▶ [Exercise brief]
Below are the records. Retype exactly the lines between the lines holding "RTN: C21.1 C22.2" and "NetD15_2: D15.2(A) Q5.4(G) R35.2 TP21.1", inclusive.

▶ [Material provided]

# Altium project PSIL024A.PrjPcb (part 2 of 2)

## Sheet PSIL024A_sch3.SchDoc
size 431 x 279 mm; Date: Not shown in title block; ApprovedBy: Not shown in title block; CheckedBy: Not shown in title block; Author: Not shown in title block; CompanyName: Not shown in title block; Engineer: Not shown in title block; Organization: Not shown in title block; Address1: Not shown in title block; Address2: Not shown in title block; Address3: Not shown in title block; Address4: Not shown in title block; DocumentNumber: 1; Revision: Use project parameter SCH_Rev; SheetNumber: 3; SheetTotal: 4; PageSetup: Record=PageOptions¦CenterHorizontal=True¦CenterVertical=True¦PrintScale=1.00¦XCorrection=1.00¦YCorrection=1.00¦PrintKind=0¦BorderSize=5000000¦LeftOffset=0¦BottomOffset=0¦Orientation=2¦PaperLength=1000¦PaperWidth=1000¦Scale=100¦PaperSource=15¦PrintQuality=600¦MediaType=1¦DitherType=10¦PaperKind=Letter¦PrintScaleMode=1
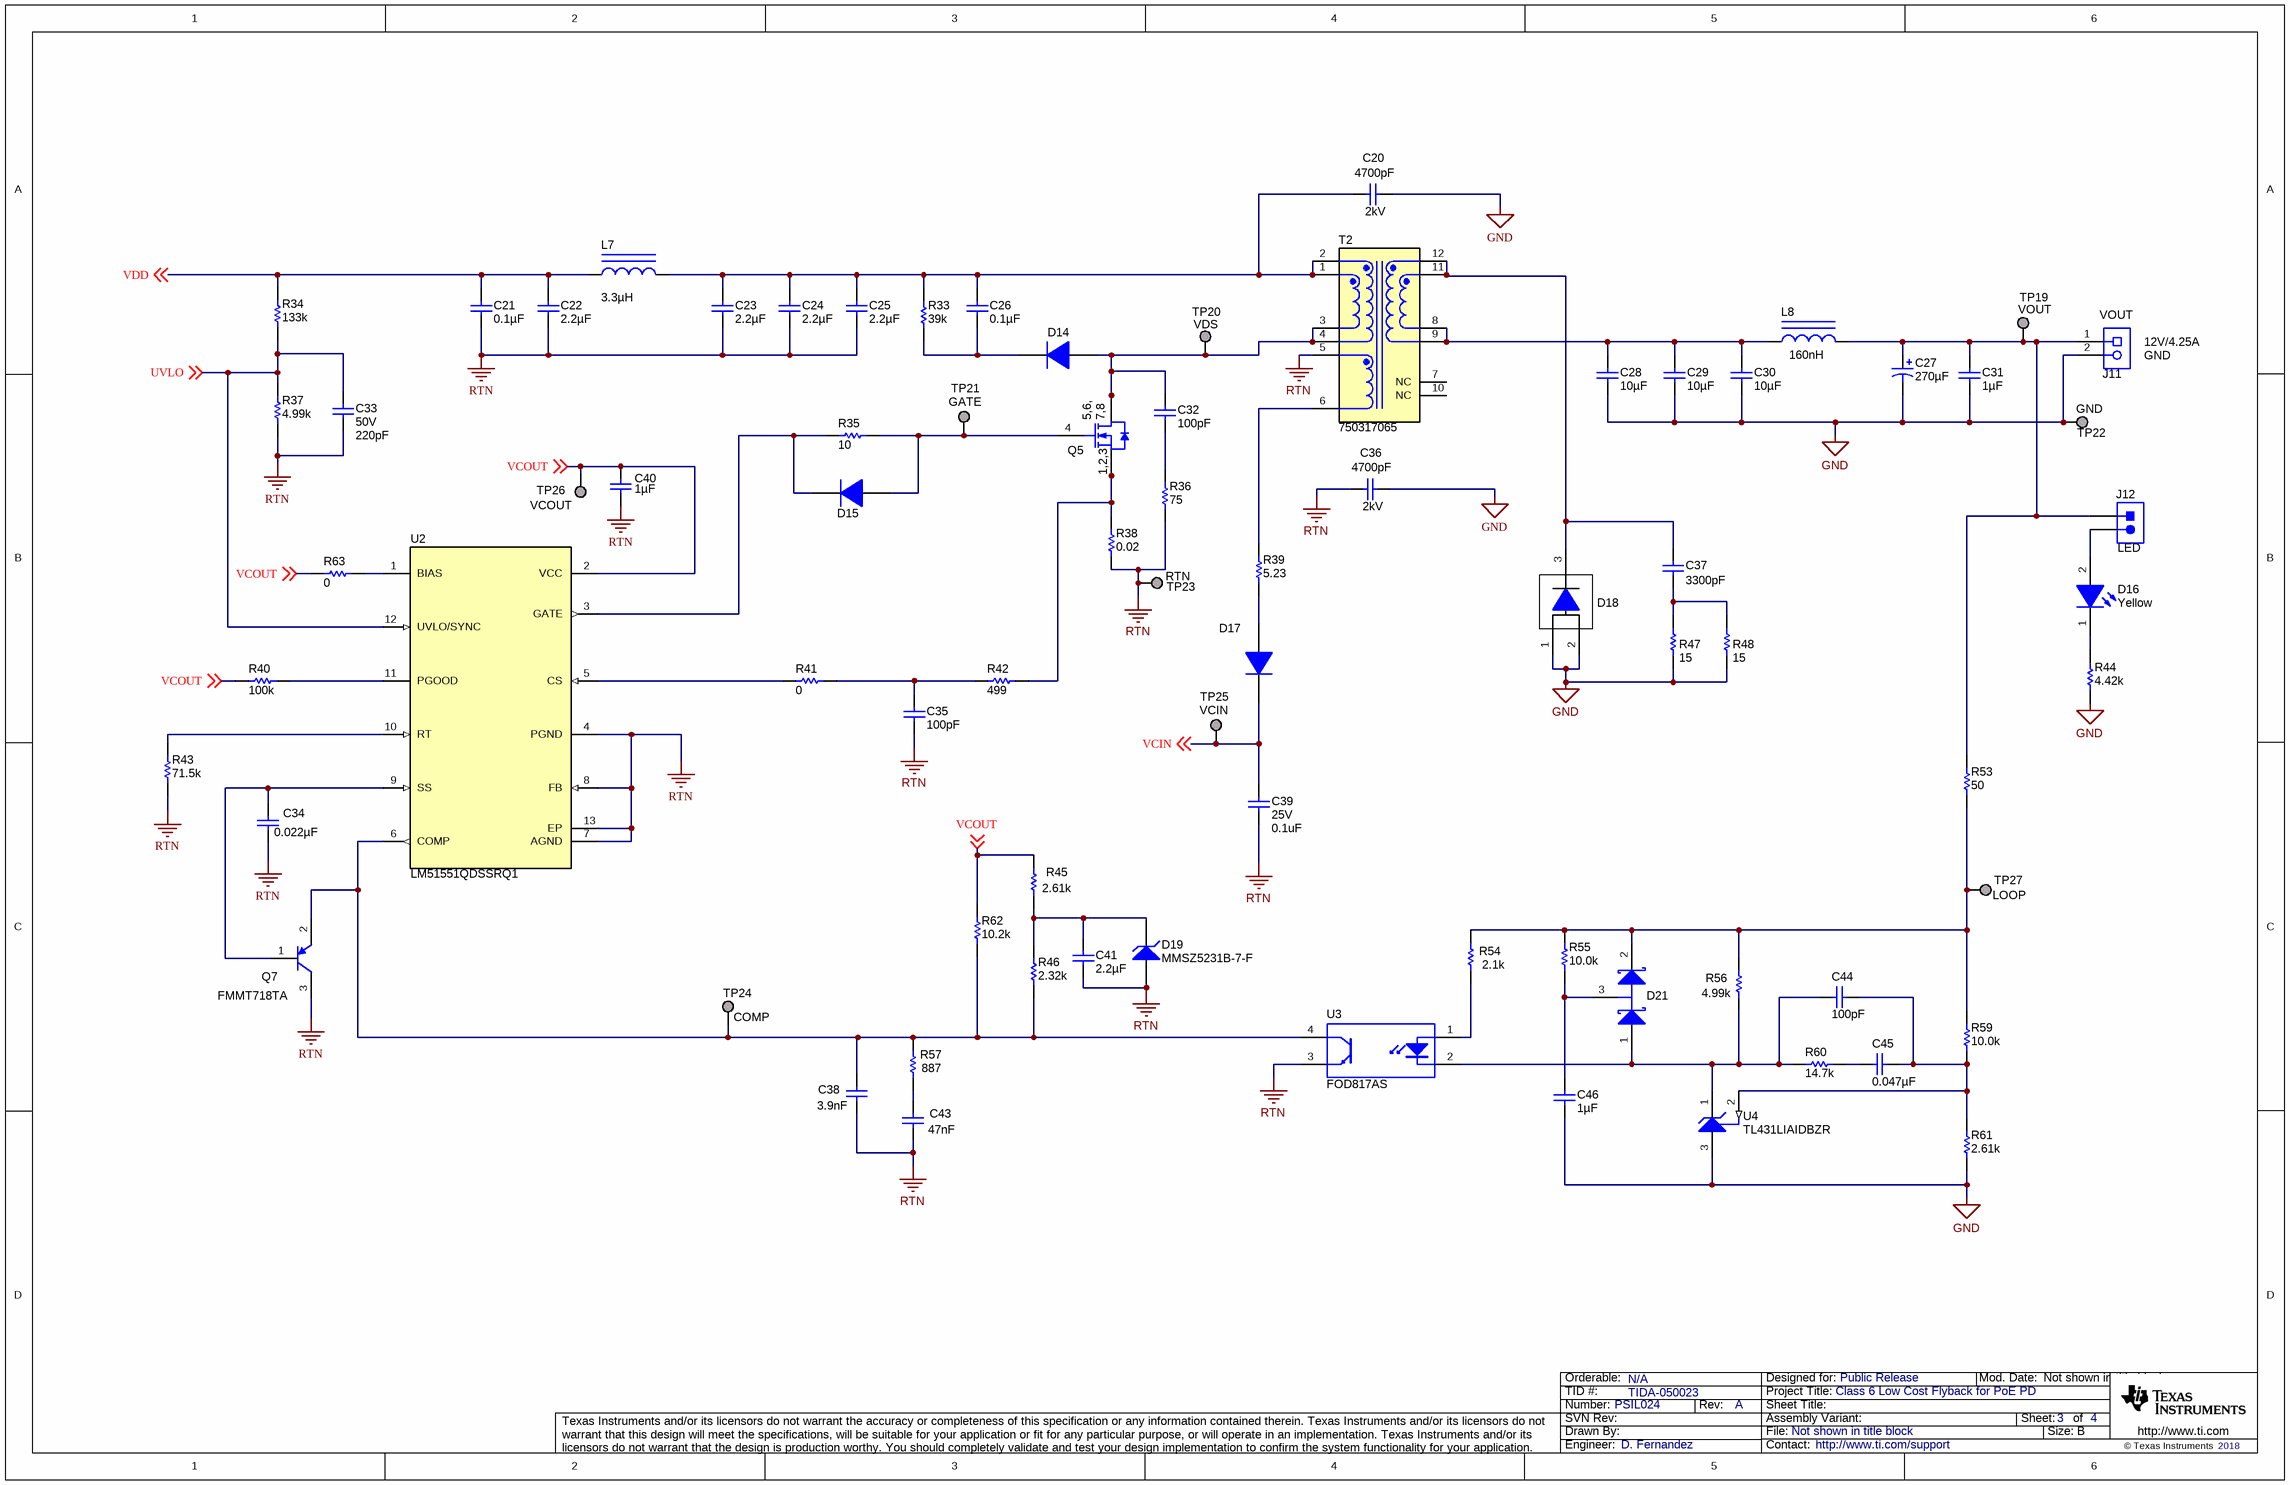
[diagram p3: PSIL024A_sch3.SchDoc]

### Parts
C20  VDC_V: 2kV  ValueDisplayed: 4700pF  [1812_254]  (hidden comment: 1812GC472KAT1A)
C21  ValueDisplayed: 0.1µF  [0805_HV]  (hidden comment: C2012X7R2A104K125AA)
C22  ValueDisplayed: 2.2µF  [1210_270]  (hidden comment: GRM32ER72A225KA35L)
C23  ValueDisplayed: 2.2µF  [1210_270]  (hidden comment: GRM32ER72A225KA35L)
C24  ValueDisplayed: 2.2µF  [1210_270]  (hidden comment: GRM32ER72A225KA35L)
C25  ValueDisplayed: 2.2µF  [1210_270]  (hidden comment: GRM32ER72A225KA35L)
C26  ValueDisplayed: 0.1µF  [0805_HV]  (hidden comment: C2012X7R2A104K125AA)
C27  ValueDisplayed: 270µF  [PCV_1000x1270]  (hidden comment: PCV1E271MCL1GS)
C28  ValueDisplayed: 10µF  [1210_280]  (hidden comment: C1210C106K3RACTU)
C29  ValueDisplayed: 10µF  [1210_280]  (hidden comment: C1210C106K3RACTU)
C30  ValueDisplayed: 10µF  [1210_280]  (hidden comment: C1210C106K3RACTU)
C31  ValueDisplayed: 1µF  [0805_HV]  (hidden comment: GRM21BR71E105KA99L)
C32  ValueDisplayed: 100pF  [0805_HV]  (hidden comment: GRM21A5C2E101JW01D)
C33  VDC_V: 50V  ValueDisplayed: 220pF  [0603L]  (hidden comment: C0603C221J5GACTU)
C34  ValueDisplayed: 0.022µF  [0603]  (hidden comment: C0603C223K3RACTU)
C35  ValueDisplayed: 100pF  [0603L]  (hidden comment: GRM1885C1H101JA01D)
C36  VDC_V: 2kV  ValueDisplayed: 4700pF  [1812_254]  (hidden comment: 1812GC472KAT1A)
C37  ValueDisplayed: 3300pF  [0603]  (hidden comment: 001)
C38  Cap_F: 3.9nF  [0603L]  (hidden comment: GRM1885C1H392JA01D)
C39  VDC_V: 25V  ValueDisplayed: 0.1uF  [0603]  (hidden comment: 06033C104JAT2A)
C40  ValueDisplayed: 1µF  [0805_HV]  (hidden comment: GRM21BR71E105KA99L)
C41  Cap_F: 2.2µF  [0603]  (hidden comment: EMK107BB7225KA-T)
C43  Cap_F: 47nF  [0603]  (hidden comment: 06033C473JAT2A)
C44  ValueDisplayed: 100pF  [0603L]  (hidden comment: GRM1885C1H101JA01D)
C45  ValueDisplayed: 0.047µF  [0603L]  (hidden comment: C1608X7R1H473K080AA)
C46  ValueDisplayed: 1µF  [0805L]  (hidden comment: GRM21BR71E105KA99L)
D14  ES2DA-13-F  [SMA]  (value not drawn)
D15  MMSD4148T1G  [SOD-123]  (value not drawn)
D16  value Yellow  [WL-SMCW_YELLOW]  (hidden comment: 150060YS75000)
D17  MMSD4148T1G  [SOD-123]  (value not drawn)
D18  001  [PowerDI5]  (value not drawn)
D19  MMSZ5231B-7-F  [SOD-123]
D21  BAT54S-7-F  [SOT-23]  (value not drawn)
J11  ED555/2DS  [TERM_BLK_ED555-2DS]  (value not drawn)
J12  LED  [Molex_87898-0204]
L7  ValueDisplayed: 3.3µH  [XFL4020]  (hidden comment: XFL4020-332MEB)
L8  Ind_H: 160nH  [XAL5030]  (hidden comment: XAL5030-161MEB)
Q5  FDMS86252  [TRANS_Fairchild_PQFN08A]  (value not drawn)
Q7  FMMT718TA  [SOT-23]
R33  ValueDisplayed: 39k  [1206]  (hidden comment: CRCW120639K0JNEA)
R34  133k  [0603]
R35  ValueDisplayed: 10  [0603]  (hidden comment: CRCW060310R0JNEA)
R36  ValueDisplayed: 75  [2010L]  (hidden comment: CRCW201075R0JNEF)
R37  ValueDisplayed: 4.99k  [0603]  (hidden comment: RT0603DRE074K99L)
R38  ValueDisplayed: 0.02  [2010]  (hidden comment: CSRN2010FK20L0)
R39  ValueDisplayed: 5.23  [0805_HV]  (hidden comment: CRCW08055R23FKEA)
R40  100k  [0603]
R41  ValueDisplayed: 0  [0603]  (hidden comment: MCR03EZPJ000)
R42  499  [0603]
R43  71.5k  [0603]
R44  ValueDisplayed: 4.42k  [0603]  (hidden comment: CRCW06034K42FKEA)
R45  Res_ohm: 2.61k  [0603]  (hidden comment: CRCW06032K61FKEA)
R46  Res_ohm: 2.32k  [0603]  (hidden comment: CRCW06032K32FKEA)
R47  ValueDisplayed: 15  [2512]  (hidden comment: 001)
R48  ValueDisplayed: 15  [2512]  (hidden comment: 001)
R53  ValueDisplayed: 50  [0603]  (hidden comment: CRCW060350R0FKEA)
R54  Res_ohm: 2.1k  [0603L]  (hidden comment: CRCW06032K10FKEA)
R55  ValueDisplayed: 10.0k  [0603L]  (hidden comment: CRCW060310K0FKEA)
R56  ValueDisplayed: 4.99k  [0603L]  (hidden comment: CRCW06034K99FKEA)
R57  Res_ohm: 887  [0603]  (hidden comment: CRCW0603887RFKEA)
R59  ValueDisplayed: 10.0k  [0603L]  (hidden comment: CRCW060310K0FKEA)
R60  ValueDisplayed: 14.7k  [0603]  (hidden comment: CRCW060314K7FKEA)
R61  ValueDisplayed: 2.61k  [0603L]  (hidden comment: CRCW06032K61FKEA)
R62  ValueDisplayed: 10.2k  [0603L]  (hidden comment: CRCW060310K2FKEA)
R63  ValueDisplayed: 0  [0603]  (hidden comment: MCR03EZPJ000)
T2  750317065  [Wurth_EFD25_4476]
TP19  VOUT  [Keystone_5019]
TP20  TESTPOINT  [Keystone_5019]  (value not drawn)
TP21  TESTPOINT  [Keystone_5019]  (value not drawn)
TP22  TESTPOINT  [Keystone_5019]  (value not drawn)
TP23  TESTPOINT  [Keystone_5019]  (value not drawn)
TP24  COMP  [Keystone_5019]
TP25  TESTPOINT  [Keystone_5019]  (value not drawn)
TP26  VCOUT  [Keystone_5019]
TP27  TESTPOINT  [Keystone_5019]  (value not drawn)
U2  LM51551QDSSRQ1  [DSS0012C]
U3  FOD817AS  [N04C]
U4  TL431LIAIDBZR  [DBZ0003A_M]

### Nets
GND: C20.1 C27.2(-) C28.2 C29.2 C30.2 C31.2 C36.1 C46.2 D18.1(A) D18.2(A) J11.2 R44.1 R47.1 R48.1 R61.1 TP22.1 U4.3(ANODE)
RTN: C21.1 C22.2 C23.2 C24.2 C25.2 C33.2 C34.2 C35.2 C36.2 C38.2 C39.2 C40.2 C41.2 C43.2 D19.2(A) Q7.3(C) R36.1 R37.1 R38.1 R43.1 T2.5 TP23.1 U2.4(PGND) U2.7(AGND) U2.8(FB) U2.13(EP) U3.3(E)
UVLO: C33.1 R34.1 R37.2 U2.12(UVLO/SYNC) ; off-sheet UVLO
VCIN: C39.1 D17.1(K) TP25.1 ; off-sheet VCIN
VCOUT: C40.1 R40.1 R45.2 R62.2 R63.1 TP26.1 U2.2(VCC) ; off-sheet VCOUT
VDD: C21.2 C22.1 L7.1 R34.2 ; off-sheet VDD
NetC20_2: C20.2 C23.1 C24.1 C25.1 C26.2 L7.2 R33.2 T2.1 T2.2
NetC26_1: C26.1 D14.1(K) R33.1
NetC27_1: C27.1(+) C31.1 J11.1 J12.1 L8.2 R53.2 TP19.1
NetC28_1: C28.1 C29.1 C30.1 L8.1 T2.8 T2.9
NetC32_1: C32.1 D14.2(A) Q5.5(D) Q5.6(D) Q5.7(D) Q5.8(D) T2.3 T2.4 TP20.1
NetC32_2: C32.2 R36.2
NetC34_1: C34.1 Q7.1(B) U2.9(SS)
NetC35_1: C35.1 R41.2 R42.1
NetC37_1: C37.1 D18.3(K) T2.11 T2.12
NetC37_2: C37.2 R47.2 R48.2
NetC38_1: C38.1 Q7.2(E) R46.1 R57.2 R62.1 TP24.1 U2.6(COMP) U3.4(C)
NetC41_1: C41.1 D19.1(K) R45.1 R46.2
NetC43_1: C43.1 R57.1
NetC44_1: C44.1 C45.1 R59.1 R61.2 U4.2(REF)
NetC44_2: C44.2 D21.1(A) R56.1 R60.1 U3.2(K) U4.1(CATHODE)
NetC45_2: C45.2 R60.2
NetC46_1: C46.1 D21.3(C) R55.1
NetD15_1: D15.1(K) R35.1 U2.3(GATE)
NetD15_2: D15.2(A) Q5.4(G) R35.2 TP21.1
NetD16_1: D16.1(K) R44.2
NetD16_2: D16.2(A) J12.2
NetD17_2: D17.2(A) R39.1
NetD21_2: D21.2(K) R53.1 R54.2 R55.2 R56.2 R59.2 TP27.1
NetQ5_1: Q5.1(S) Q5.2(S) Q5.3(S) R38.2 R42.2
NetR39_2: R39.2 T2.6
NetR40_2: R40.2 U2.11(PGOOD)
NetR41_1: R41.1 U2.5(CS)
NetR43_2: R43.2 U2.10(RT)
NetR54_1: R54.1 U3.1(A)
NetR63_2: R63.2 U2.1(BIAS)

Not connected (* = marked no-connect by the designer): T2 7(NC) 10(NC)

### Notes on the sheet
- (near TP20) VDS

▶ [Exercise answer]
RTN: C21.1 C22.2 C23.2 C24.2 C25.2 C33.2 C34.2 C35.2 C36.2 C38.2 C39.2 C40.2 C41.2 C43.2 D19.2(A) Q7.3(C) R36.1 R37.1 R38.1 R43.1 T2.5 TP23.1 U2.4(PGND) U2.7(AGND) U2.8(FB) U2.13(EP) U3.3(E)
UVLO: C33.1 R34.1 R37.2 U2.12(UVLO/SYNC) ; off-sheet UVLO
VCIN: C39.1 D17.1(K) TP25.1 ; off-sheet VCIN
VCOUT: C40.1 R40.1 R45.2 R62.2 R63.1 TP26.1 U2.2(VCC) ; off-sheet VCOUT
VDD: C21.2 C22.1 L7.1 R34.2 ; off-sheet VDD
NetC20_2: C20.2 C23.1 C24.1 C25.1 C26.2 L7.2 R33.2 T2.1 T2.2
NetC26_1: C26.1 D14.1(K) R33.1
NetC27_1: C27.1(+) C31.1 J11.1 J12.1 L8.2 R53.2 TP19.1
NetC28_1: C28.1 C29.1 C30.1 L8.1 T2.8 T2.9
NetC32_1: C32.1 D14.2(A) Q5.5(D) Q5.6(D) Q5.7(D) Q5.8(D) T2.3 T2.4 TP20.1
NetC32_2: C32.2 R36.2
NetC34_1: C34.1 Q7.1(B) U2.9(SS)
NetC35_1: C35.1 R41.2 R42.1
NetC37_1: C37.1 D18.3(K) T2.11 T2.12
NetC37_2: C37.2 R47.2 R48.2
NetC38_1: C38.1 Q7.2(E) R46.1 R57.2 R62.1 TP24.1 U2.6(COMP) U3.4(C)
NetC41_1: C41.1 D19.1(K) R45.1 R46.2
NetC43_1: C43.1 R57.1
NetC44_1: C44.1 C45.1 R59.1 R61.2 U4.2(REF)
NetC44_2: C44.2 D21.1(A) R56.1 R60.1 U3.2(K) U4.1(CATHODE)
NetC45_2: C45.2 R60.2
NetC46_1: C46.1 D21.3(C) R55.1
NetD15_1: D15.1(K) R35.1 U2.3(GATE)
NetD15_2: D15.2(A) Q5.4(G) R35.2 TP21.1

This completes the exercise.